Under a 2005 law, both the public and private systems are required to cover 56 medical conditions, including many chronic conditions. This system of “explicit health guarantees”, which has since been expanded to more than 80 conditions, has reduced inequalities between the two systems but has not eliminated them, said Cristian Herrera, a Chilean health policy analyst at the OECD.

In the public system, primary care is funded by the state but managed by municipal governments. As a result, the efficiency of the primary care system varies from one municipality to another, and there can be high management turnover, as administrators are often replaced when a new mayor takes office, said Infante. Where primary care is inefficient and wait times long, many Chileans go straight to hospital emergency rooms instead. Chile’s out-of-pocket expenditures as a proportion of total health expenditures are also among the highest in the OECD, at 33%. Nearly a third of that amount is due to drug expenditures, with another 30% divided between dental costs and doctor visits, according to a study by public health expert Pablo Villalobos of the University of Santiago. The OECD has made various recommendations, including better regulation of the private insurance market and lower copayments for medicines.

On Oct 23, Piñera announced a series of measures that include a pension increase, a guaranteed minimum wage of about $460 a month, electricity rate controls, higher taxes on those earning more than about $10 700 a month, and more equitable financing of public services, including health, to reduce the gap between wealthier and less wealthy municipalities.

Specific health-related proposals included a ceiling on families’ out-of-pocket expenses for catastrophic illnesses, creation of an insurance plan to cover drug costs not covered under existing plans, and expansion of an agreement between the public health service and private pharmacy chains to reduce the cost of medicines for users of the public system.

But these are technical fixes to a problem that needs a political decision about what role, if any, the private sector should play, Villalobos said.

There have been various attempts at health reform over the past two decades, but much remains to be done, according to the OECD report and Chilean experts. Most recently, a commission formed in 2014 by then-President Michelle Bachelet to propose changes to the private insurance system failed to reach consensus and never submitted a proposal to the legislature.

There is growing pressure to eliminate the private insurance system, said Paraje, who served on that commission, but private insurers have resisted that suggestion. Health-care reform should be accompanied by changes in the pension system, he said, because retirees are hit even harder by the cost of medicines and by out-of-pocket expenses if they seek care in the private system.

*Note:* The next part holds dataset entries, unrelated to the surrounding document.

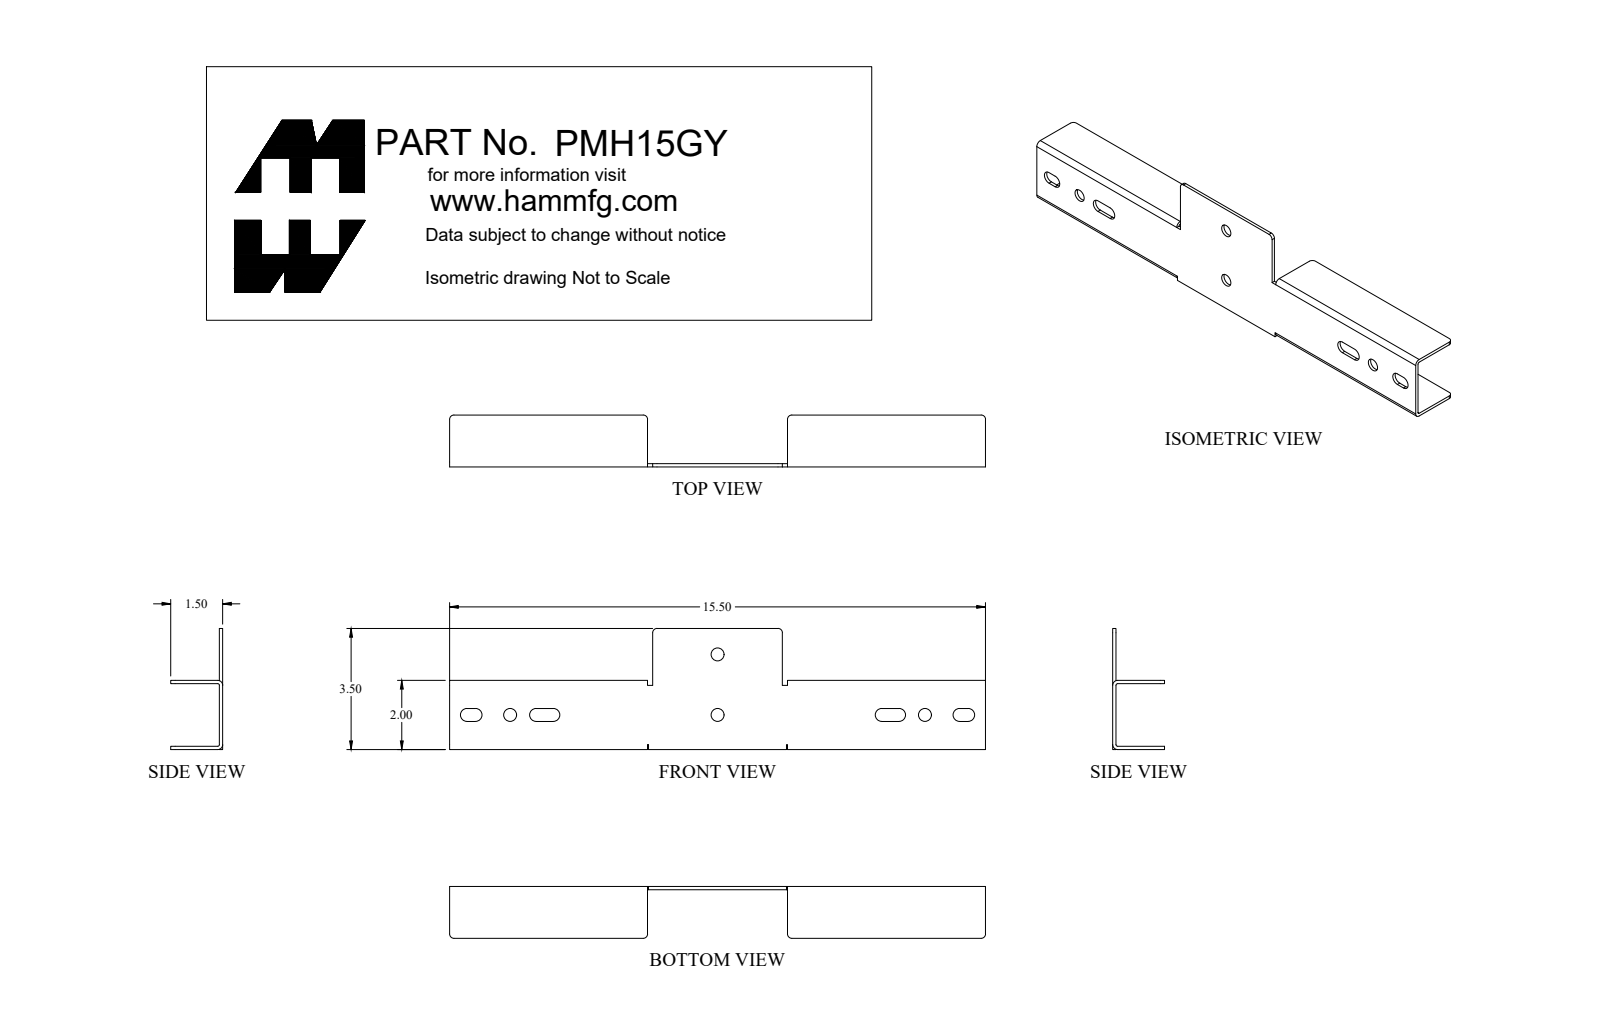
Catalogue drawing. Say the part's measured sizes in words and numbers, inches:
The part is named "PMH15GY". Its 3-D file was written by "SolidWorks 2018 (AUTOMOTIVE_DESIGN)". It is 1 solid with 72 faces: 38 planar, 34 cylindrical and 0 other. Overall it measures 15.5 by 3.5 by 1.5 inches. Its volume is 6.301 cubic inches and its surface area 138.5 square inches. Round holes: 4 of diameter 0.375. Partial cylindrical surfaces (rounded edges, fillets, slot ends): 8 of radius 0.188, 6 of radius 0.125, 2 of radius 0.048, 2 of radius 0.143. The main face-to-face distances are 0.095, 1.905, 2, 1.81, 1.5, 1.405, 5.725, 9.775, 15.5, 3.5. The hole center spacings are 6, 6.25, 1.75, 12.
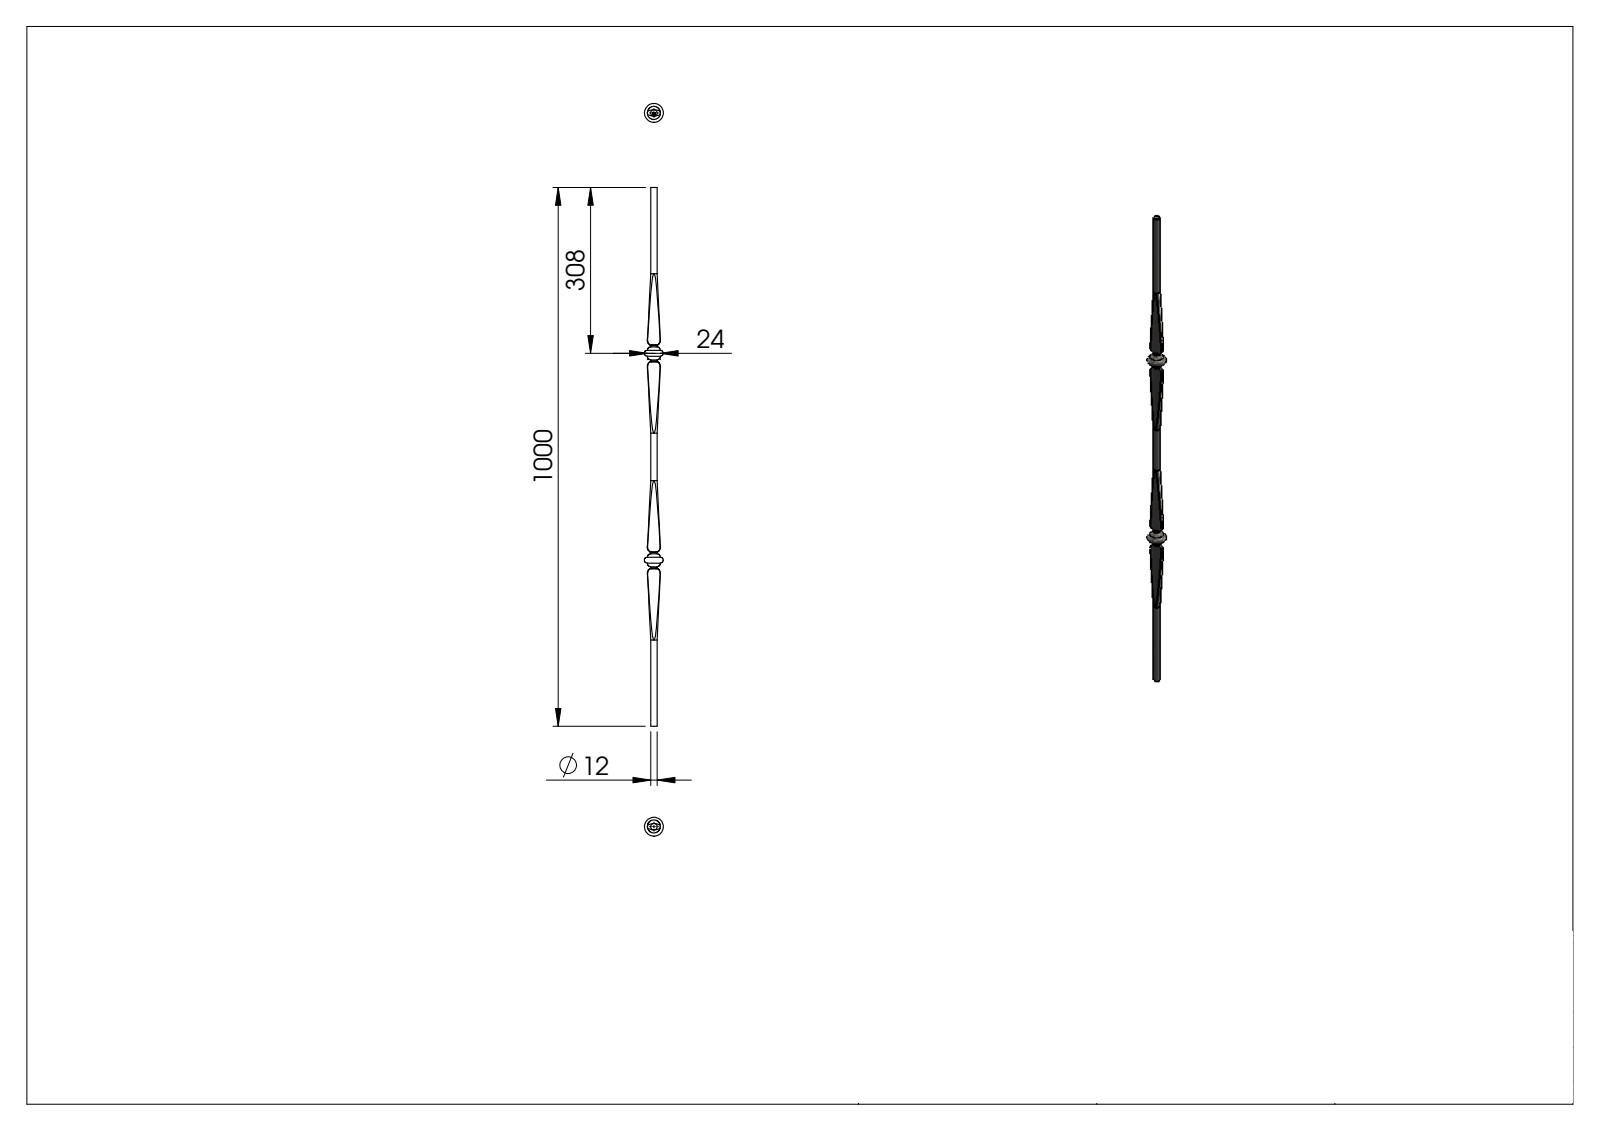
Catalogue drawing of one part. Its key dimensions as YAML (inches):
part_name: "56109-240"
step_written_by: "SolidWorks 2015 (CONFIG_CONTROL_DESIGN)"
units: inches
bodies: {solids: 1, faces: 332, planar: 130, cylindrical: 14, other: 188}
overall_size: [39.37, 1.378, 1.378]
volume: 9.002
surface_area: 75.38
round_bosses_or_shafts:
  - {diameter: 0.472, count: 1}
face_to_face_distances: [39.37, 11.535, 12.717, 26.654, 27.835, 1.181, 15.118, 16.299, 13.937, 0.02]

The right to “free and egalitarian access” to health care is enshrined in Chile’s constitution. The constitution also guarantees that “each person has the right to choose the health system they wish to join, either state or private”. Because of that language, elimination of the private system could require a change to the constitution, said Cristian Montenegro, a sociologist at the Pontifical Catholic University of Chile. Although there have been some calls for a revamping of the constitution, that would be a long process requiring a constituent assembly, and is not likely in the near future, he said.

As the protests continue, it is not clear how the government will address the multiple, dispersed demands. A cabinet shake-up on Oct 28 failed to stem the protests, and calls have mounted for Piñera’s resignation.

Chile’s upheaval is a cautionary tale for other Latin American countries that have wide income gaps and that still depend largely on revenues from exports of raw materials, placing them at the mercy of global market forces. Income inequality is greater in Latin America than in any other region in the world. “In many rankings, [Chile] has done well in the region”, Montenegro said. “It seemed to be economically and institutionally stable. But the price of this progress was the inequality it created.”